▶ [Work instruction]
Pull every line with "import" from the entries below.
##### The records #####
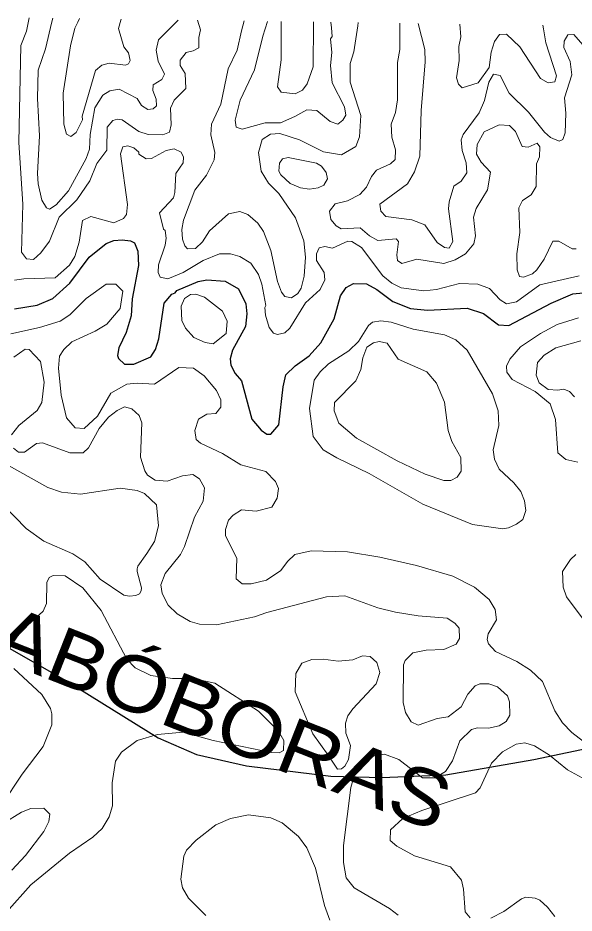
# Model space of a CAD drawing. Extents: x 763.2 to 816.8, y 7896.5 to 7952.7.
# Drawn here: x 774.248 to 776.64, y 7948.665 to 7952.514 of the extents above; entities that cross this region are included whole.
import ezdxf
from ezdxf.enums import TextEntityAlignment as Align

# ---------------------------------------------------------------- set-up
doc = ezdxf.new("R2010")
doc.units = 0
doc.header["$LTSCALE"] = 0.064
for name, color, linetype, lineweight in [('1', 7, 'Continuous', 25), ('2', 7, 'Continuous', 13), ('26', 7, 'Continuous', 25)]:
    doc.layers.add(name, color=color, linetype=linetype, lineweight=lineweight)

msp = doc.modelspace()

# ---------------------------------------------------------------- linework, layer by layer
at = {"layer": '1'}
for points in [[(774.2339, 7951.2633), (774.3307, 7951.2787), (774.398, 7951.307), (774.4715, 7951.3737), (774.5546, 7951.4846), (774.628, 7951.5442), (774.661, 7951.5566), (774.6964, 7951.5599), (774.7332, 7951.5549), (774.7492, 7951.5466), (774.7641, 7951.5112), (774.7677, 7951.4492)], [(774.7677, 7951.4492), (774.74, 7951.3061), (774.7349, 7951.233), (774.7138, 7951.1614), (774.6824, 7951.0949), (774.676, 7951.0628)], [(774.676, 7951.0628), (774.6812, 7951.05), (774.7072, 7951.0246), (774.7464, 7951.0257), (774.8201, 7951.057), (774.8398, 7951.0877), (774.8548, 7951.1344), (774.878, 7951.287), (774.9104, 7951.3261), (774.9253, 7951.3319), (774.9312, 7951.3416), (775.0242, 7951.3802), (775.0602, 7951.3871), (775.1396, 7951.3826), (775.1976, 7951.3484), (775.228, 7951.285), (775.2329, 7951.2421), (775.2277, 7951.1871), (775.1705, 7951.085), (775.1617, 7951.0476), (775.1636, 7951.0206), (775.1827, 7950.9848), (775.2094, 7950.9537), (775.254, 7950.7883), (775.2943, 7950.7418), (775.3184, 7950.7238), (775.3365, 7950.7235), (775.3707, 7950.7638), (775.3892, 7950.9281), (775.4007, 7950.9797), (775.44, 7951.0176), (775.5011, 7951.0609), (775.5517, 7951.1164), (775.6077, 7951.2206), (775.6361, 7951.319), (775.6596, 7951.3548), (775.6914, 7951.3724), (775.7471, 7951.3709), (775.7916, 7951.3463), (775.8613, 7951.2951), (775.9362, 7951.2643), (776.0103, 7951.2577), (776.1803, 7951.2656), (776.2511, 7951.2431), (776.3153, 7951.1938), (776.3596, 7951.192), (776.541, 7951.288), (776.6349, 7951.3277), (776.7095, 7951.3347)]]:
    msp.add_lwpolyline(points, dxfattribs=at)
at = {"layer": '2'}
for points in [[(774.2965, 7952.5138), (774.2936, 7952.4996), (774.2847, 7952.4563), (774.2617, 7952.3958), (774.2519, 7951.9778), (774.2698, 7951.7128), (774.2633, 7951.5071), (774.2859, 7951.4784), (774.3162, 7951.4746), (774.3475, 7951.5031), (774.3848, 7951.5535), (774.4264, 7951.6576), (774.5019, 7951.7315), (774.5579, 7951.8127), (774.5882, 7951.8876), (774.6309, 7951.9457), (774.6316, 7952.0442), (774.6563, 7952.0726), (774.6774, 7952.0791), (774.697, 7952.0759), (774.768, 7952.026), (774.8079, 7952.0132), (774.8721, 7952.0113), (774.901, 7952.0226), (774.9074, 7952.0547), (774.9046, 7952.1258), (774.9208, 7952.1598), (774.97, 7952.2104), (774.9683, 7952.2742), (774.9468, 7952.3093), (774.9455, 7952.3318), (774.9723, 7952.3652), (775.0027, 7952.3719), (775.0259, 7952.3848), (775.026, 7952.4294), (775.0337, 7952.4622), (775.0204, 7952.5034)], [(774.9377, 7952.5046), (774.8523, 7952.4197), (774.8436, 7952.375), (774.8517, 7952.3277), (774.8792, 7952.2724), (774.867, 7952.2496), (774.8301, 7952.2257), (774.8286, 7952.202), (774.8431, 7952.1638), (774.8446, 7952.1356), (774.8295, 7952.1226), (774.8071, 7952.1197), (774.7796, 7952.1373), (774.7618, 7952.1671), (774.6839, 7952.2074), (774.6439, 7952.2005), (774.613, 7952.1822), (774.5789, 7952.127), (774.5591, 7952.0119), (774.5556, 7951.9496), (774.5423, 7951.9095), (774.4661, 7951.7708), (774.4132, 7951.7101), (774.3838, 7951.6915), (774.3721, 7951.6966), (774.3517, 7951.73), (774.3354, 7951.7998), (774.3323, 7951.8443), (774.342, 7952.0069), (774.3323, 7952.1671), (774.3357, 7952.2887), (774.3669, 7952.3808), (774.3948, 7952.4968), (774.3985, 7952.5123)], [(774.514, 7952.5107), (774.5061, 7952.4948), (774.4936, 7952.4697), (774.4739, 7952.3939), (774.4424, 7952.1901), (774.4462, 7952.0575), (774.4577, 7952.0134), (774.4758, 7952.004), (774.4986, 7952.021), (774.526, 7952.0753), (774.5249, 7952.0913), (774.5826, 7952.2882), (774.61, 7952.3108), (774.6412, 7952.3191), (774.7106, 7952.3099), (774.7244, 7952.3161), (774.7318, 7952.3309), (774.7247, 7952.3639), (774.7036, 7952.3892), (774.6808, 7952.4688), (774.6906, 7952.5034), (774.6919, 7952.5081)], [(775.2207, 7952.5005), (775.2104, 7952.4576), (775.1906, 7952.3749), (775.1525, 7952.2946), (775.1209, 7952.1428), (775.0807, 7952.057), (775.0784, 7952.0105), (775.0948, 7951.9358), (775.093, 7951.9036), (775.059, 7951.8383), (775.0086, 7951.7732), (774.9603, 7951.6445), (774.9536, 7951.6037), (774.9557, 7951.5618), (774.966, 7951.5334), (774.9777, 7951.5212), (775.012, 7951.5224), (775.0419, 7951.5516), (775.0729, 7951.5988), (775.1534, 7951.672), (775.2031, 7951.6813), (775.2367, 7951.668), (775.2805, 7951.6307), (775.3048, 7951.5951), (775.3358, 7951.5145), (775.3653, 7951.3799), (775.382, 7951.3345), (775.3967, 7951.3166), (775.4245, 7951.3102), (775.4519, 7951.3291), (775.466, 7951.3516), (775.4791, 7951.4033), (775.4844, 7951.4849), (775.4775, 7951.5558), (775.4424, 7951.6549), (775.3707, 7951.7589), (775.3262, 7951.8038), (775.2948, 7951.8555), (775.2823, 7951.935), (775.2981, 7951.9907), (775.3347, 7952.0134), (775.3742, 7952.0168), (775.4591, 7951.9891), (775.5628, 7951.9384), (775.6401, 7951.9251), (775.701, 7951.9612), (775.7176, 7952.0028), (775.7226, 7952.0944), (775.677, 7952.2373), (775.6766, 7952.3182), (775.6931, 7952.3676), (775.7096, 7952.4804), (775.7115, 7952.4934)], [(775.594, 7952.4951), (775.5964, 7952.4705), (775.6, 7952.4336), (775.5928, 7952.4241), (775.5978, 7952.3648), (775.5927, 7952.3095), (775.5996, 7952.2349), (775.6528, 7952.1317), (775.6582, 7952.0954), (775.645, 7952.074), (775.6236, 7952.0564), (775.5912, 7952.0679), (775.534, 7952.1151), (775.4906, 7952.1187), (775.4399, 7952.0893), (775.3769, 7952.0629), (775.3111, 7952.0627), (775.2127, 7952.0351), (775.1872, 7952.0435), (775.1821, 7952.0746), (775.2043, 7952.16), (775.2655, 7952.2907), (775.3018, 7952.4353), (775.3218, 7952.499)], [(775.3809, 7952.4982), (775.3809, 7952.466), (775.3807, 7952.3334), (775.3648, 7952.2171), (775.3811, 7952.1946), (775.441, 7952.1879), (775.4726, 7952.2031), (775.4921, 7952.2303), (775.5183, 7952.3041), (775.5189, 7952.487), (775.5189, 7952.4962)], [(775.8905, 7952.4908), (775.8902, 7952.3775), (775.8804, 7952.3224), (775.8803, 7952.1617), (775.8721, 7952.1073), (775.8541, 7952.0566), (775.8565, 7952.0005), (775.872, 7951.9469), (775.8703, 7951.9044), (775.8511, 7951.8864), (775.7906, 7951.8594), (775.7687, 7951.8321), (775.7471, 7951.7855), (775.7193, 7951.7542), (775.6654, 7951.7272), (775.6122, 7951.7139), (775.5882, 7951.6823), (775.5945, 7951.6474), (775.6163, 7951.6204), (775.6384, 7951.607), (775.7207, 7951.6107), (775.7606, 7951.5764), (775.7958, 7951.557), (775.8746, 7951.5639), (775.8851, 7951.552), (775.8772, 7951.4954), (775.8804, 7951.4706), (775.8996, 7951.4585), (775.9645, 7951.4761), (776.0796, 7951.4583), (776.129, 7951.4739), (776.1731, 7951.4999), (776.2089, 7951.542), (776.2155, 7951.5762), (776.2075, 7951.657), (776.2193, 7951.6937), (776.2679, 7951.7747), (776.2806, 7951.8499), (776.2409, 7951.8932), (776.2199, 7951.9279), (776.2231, 7951.969), (776.2529, 7952.0234), (776.3175, 7952.0547), (776.3629, 7952.0512), (776.3888, 7952.025), (776.4164, 7951.9613), (776.4422, 7951.958), (776.4812, 7951.9754), (776.4932, 7951.9602), (776.4916, 7951.9159), (776.4787, 7951.887), (776.4768, 7951.7893), (776.4551, 7951.7525), (776.4185, 7951.7281), (776.4031, 7951.6979), (776.4062, 7951.5912), (776.3932, 7951.4992), (776.3949, 7951.4302), (776.4053, 7951.4019), (776.422, 7951.399), (776.4614, 7951.4135), (776.4802, 7951.4304), (776.5114, 7951.4763), (776.5485, 7951.5532), (776.5739, 7951.5532), (776.6313, 7951.5206), (776.6493, 7951.5208)], [(776.7676, 7952.2955), (776.6383, 7952.4426), (776.6129, 7952.4415), (776.598, 7952.4131), (776.5954, 7952.3863), (776.6234, 7952.3269), (776.6298, 7952.2696), (776.599, 7952.1702), (776.605, 7952.104), (776.6015, 7952.0203), (776.5919, 7951.9911), (776.5755, 7951.9845), (776.5382, 7951.9993), (776.5129, 7952.0221), (776.4447, 7952.1085), (776.3608, 7952.1905), (776.3225, 7952.2661), (776.294, 7952.2722), (776.2736, 7952.2377), (776.2548, 7952.1584), (776.232, 7952.1061), (776.1632, 7952.0118), (776.155, 7951.9889), (776.1581, 7951.9436), (776.176, 7951.891), (776.1795, 7951.8474), (776.1551, 7951.8123), (776.1235, 7951.791), (776.1023, 7951.7227), (776.0994, 7951.6923), (776.1187, 7951.5529), (776.1031, 7951.524), (776.0833, 7951.5262), (776.0515, 7951.5485), (775.9978, 7951.6243), (775.9428, 7951.6454), (775.831, 7951.6599), (775.8085, 7951.6828), (775.8051, 7951.7126), (775.9241, 7951.8011), (775.9545, 7951.8516), (775.9772, 7951.92), (775.9823, 7952.1154), (776.0003, 7952.3249), (775.9984, 7952.3783), (775.9695, 7952.4896)], [(776.1489, 7952.487), (776.153, 7952.4327), (776.145, 7952.3902), (776.1466, 7952.3309), (776.1338, 7952.2558), (776.1432, 7952.2295), (776.1591, 7952.2129), (776.2279, 7952.2353), (776.2746, 7952.3004), (776.2831, 7952.3669), (776.298, 7952.4129), (776.3194, 7952.442), (776.3492, 7952.4435), (776.4067, 7952.3893), (776.4955, 7952.2533), (776.5281, 7952.2341), (776.5574, 7952.2393), (776.5639, 7952.2651), (776.5179, 7952.4071), (776.5083, 7952.4672), (776.506, 7952.4819)], [(775.5683, 7951.5317), (775.5435, 7951.5249), (775.5322, 7951.4999), (775.532, 7951.4709), (775.5649, 7951.419), (775.568, 7951.3882), (775.5484, 7951.3454), (775.4858, 7951.2883), (775.4174, 7951.1792), (775.396, 7951.16), (775.365, 7951.1525), (775.3479, 7951.1579), (775.3293, 7951.1823), (775.313, 7951.2353), (775.3102, 7951.2692), (775.315, 7951.2769), (775.2972, 7951.3696), (775.2823, 7951.4099), (775.2504, 7951.46), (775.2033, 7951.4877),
#####
▶ [Solution for this task]
import ezdxf
from ezdxf.enums import TextEntityAlignment as Align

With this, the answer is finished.